DATA FOR REVIEW:

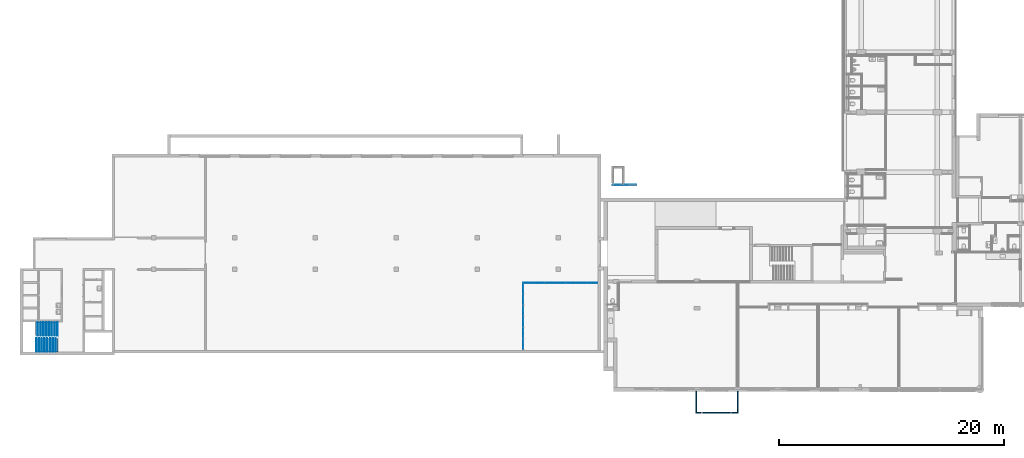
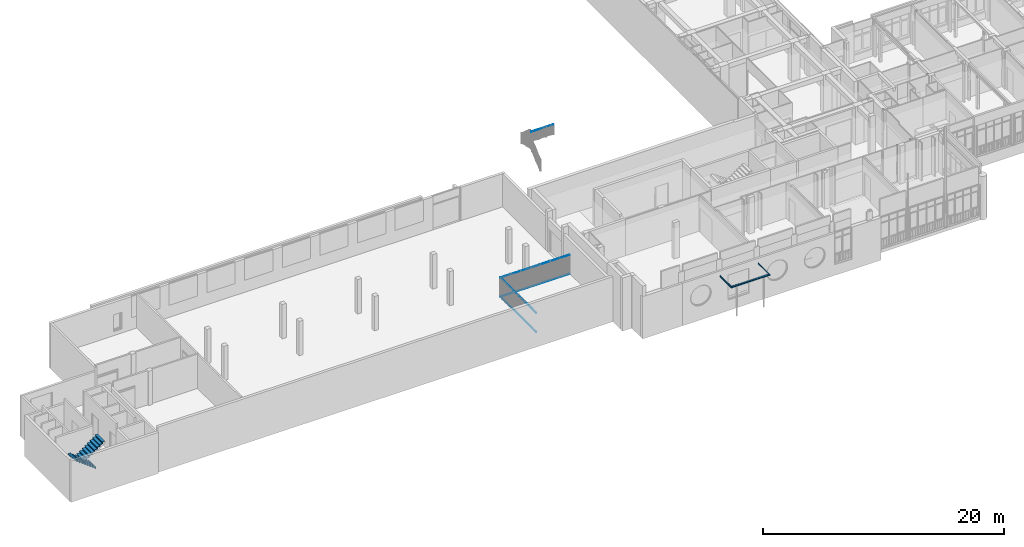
# One storey, part 56 of 135: 37 members, 3 beams, 4 elements without a shape of their own.
"""IFC2X3 building model written with IfcOpenShell, lengths in millimetres."""

from ifc_helpers import new_model, entity, si_unit, converted_unit, derived_unit, money_unit, direction, frame, origin_with_axes, place, context, subcontext, project, spatial, faceted_brep, material, type_object, element, aggregate, save


model = new_model("IFC2X3")

# Units and contexts
model_context = context("Model", 3, precision=0.01, world=origin_with_axes(), true_north=direction((0.0, 1.0)))
body_context = subcontext(model_context, "Body", "Model", "MODEL_VIEW")
ifc_project = project(units=[si_unit("LENGTHUNIT", "METRE", prefix="MILLI"), si_unit("AREAUNIT", "SQUARE_METRE"), si_unit("VOLUMEUNIT", "CUBIC_METRE"), converted_unit("PLANEANGLEUNIT", "DEGREE", entity("IfcPlaneAngleMeasure", 0.0174532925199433), si_unit("PLANEANGLEUNIT", "RADIAN"), dimensions=[0, 0, 0, 0, 0, 0, 0]), money_unit("EUR"), converted_unit("TIMEUNIT", "Year", entity("IfcTimeMeasure", 31557600.0), si_unit("TIMEUNIT", "SECOND"), dimensions=[0, 0, 1, 0, 0, 0, 0]), si_unit("MASSUNIT", "GRAM", prefix="KILO"), si_unit("THERMODYNAMICTEMPERATUREUNIT", "DEGREE_CELSIUS"), si_unit("LUMINOUSINTENSITYUNIT", "LUMEN"), si_unit("ENERGYUNIT", "JOULE", prefix="MEGA"), derived_unit("THERMALCONDUCTANCEUNIT", [(si_unit("POWERUNIT", "WATT"), 1), (si_unit("LENGTHUNIT", "METRE"), -1), (si_unit("THERMODYNAMICTEMPERATUREUNIT", "KELVIN"), -1)]), derived_unit("SPECIFICHEATCAPACITYUNIT", [(si_unit("ENERGYUNIT", "JOULE"), 1), (si_unit("MASSUNIT", "GRAM", prefix="KILO"), -1), (si_unit("THERMODYNAMICTEMPERATUREUNIT", "KELVIN"), -1)]), derived_unit("MASSDENSITYUNIT", [(si_unit("MASSUNIT", "GRAM", prefix="KILO"), 1), (si_unit("VOLUMEUNIT", "CUBIC_METRE"), -1)])], contexts=[model_context])

# Site, building, storey
site_placement = place(None, origin_with_axes())
site = spatial("IfcSite", under=ifc_project, at=site_placement, Name="Site", CompositionType="ELEMENT")
building_placement = place(site_placement, origin_with_axes())
building = spatial("IfcBuilding", under=site, at=building_placement, Name="Naam gebouw", CompositionType="ELEMENT")
storey_placement = place(building_placement, origin_with_axes())
storey = spatial("IfcBuildingStorey", under=building, at=storey_placement, Name="Begane grond N", CompositionType="ELEMENT", Elevation=0.0)

# Railing, member
railing_type = type_object("IfcRailingType", Name="Railing Type", PredefinedType="NOTDEFINED")
railing_1_placement = place(storey_placement, frame((799.9999999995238, 21575.82979156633, 4340.731848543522), z_axis=(0.0, 0.0, 1.0), x_axis=(1.0, 0.0, 0.0)))
railing_1 = element("IfcRailing", 1, at=railing_1_placement, inside=storey, type_object=railing_type, Name="_Reling-x", PredefinedType="NOTDEFINED")
ifc_material_1 = material(Name="Metaal - Staal C")
member_type_1 = type_object("IfcMemberType", Name="IfcMember", PredefinedType="USERDEFINED")
member_1_placement = place(railing_1_placement, frame((-32.49999999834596, -99.99999999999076, 4293.683880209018), z_axis=(0.0, 0.0, 1.0), x_axis=(1.0, 0.0, 0.0)))
member_1 = element("IfcMember", 2, at=member_1_placement, type_object=member_type_1, material=ifc_material_1, Name="_Bovenregel-x", context=body_context, shape_type="Brep", body=[
    faceted_brep([(-1072.499999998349, -19.99999999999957, 28.28427124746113), (-1072.499999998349, -19.99999999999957, 8.284271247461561), (1052.499999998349, -19.99999999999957, 8.284271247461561), (1052.499999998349, -19.99999999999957, 28.28427124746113), (-1032.499999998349, 19.99999999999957, 28.28427124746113), (-1032.499999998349, 19.99999999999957, 8.284271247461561), (1052.499999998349, 19.99999999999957, 8.284271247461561), (1052.499999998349, 19.99999999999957, 28.28427124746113)], [[[0, 1, 2, 3]], [[0, 4, 5, 1]], [[1, 5, 6, 2]], [[3, 2, 6, 7]], [[4, 0, 3, 7]], [[5, 4, 7, 6]]]),
])
aggregate(railing_1, [member_1])

# Railing, members
railing_2_placement = place(storey_placement, frame((-9250.67106541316, 12765.57502437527, 0.0), z_axis=(0.0, 0.0, 1.0), x_axis=(1.0, 0.0, 0.0)))
railing_2 = element("IfcRailing", 3, at=railing_2_placement, inside=storey, type_object=railing_type, Name="_Reling-x", PredefinedType="NOTDEFINED")
member_2_placement = place(railing_2_placement, frame((996.6510855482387, -2975.0, 1971.715728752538), z_axis=(0.0, 0.0, 1.0), x_axis=(1.0, 0.0, 0.0)))
member_2 = element("IfcMember", 4, at=member_2_placement, type_object=member_type_1, material=ifc_material_1, Name="_Bovenregel-x", context=body_context, shape_type="Brep", body=[
    faceted_brep([(19.99999999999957, -2950.0, 28.2842712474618), (19.99999999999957, -2950.0, 8.284271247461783), (19.99999999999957, 2930.000000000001, 8.284271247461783), (19.99999999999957, 2930.000000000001, 28.2842712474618), (-19.99999999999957, -2950.0, 28.2842712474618), (-19.99999999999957, -2950.0, 8.284271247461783), (-19.99999999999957, 2970.0, 8.284271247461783), (-19.99999999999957, 2970.0, 28.2842712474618)], [[[0, 1, 2, 3]], [[0, 4, 5, 1]], [[1, 5, 6, 2]], [[3, 2, 6, 7]], [[4, 0, 3, 7]], [[5, 4, 7, 6]]]),
])
member_3_placement = place(railing_2_placement, frame((996.6510855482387, -2975.0, 27.63932022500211), z_axis=(0.0, 0.0, 1.0), x_axis=(1.0, 0.0, 0.0)))
member_3 = element("IfcMember", 5, at=member_3_placement, type_object=member_type_1, material=ifc_material_1, Name="_Regel-x", context=body_context, shape_type="Brep", body=[
    faceted_brep([(19.99999999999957, -2950.0, 32.36067977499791), (19.99999999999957, -2950.0, 12.36067977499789), (19.99999999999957, 2930.000000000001, 12.36067977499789), (19.99999999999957, 2930.000000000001, 32.36067977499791), (-19.99999999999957, -2950.0, 32.36067977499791), (-19.99999999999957, -2950.0, 12.36067977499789), (-19.99999999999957, 2970.0, 12.36067977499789), (-19.99999999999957, 2970.0, 32.36067977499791)], [[[0, 1, 2, 3]], [[0, 4, 5, 1]], [[1, 5, 6, 2]], [[3, 2, 6, 7]], [[4, 0, 3, 7]], [[5, 4, 7, 6]]]),
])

ABOUT THIS EXERCISE: Scan each line above for the string "aggregate". Give the tally and nothing else.

WRITTEN ANSWER: 2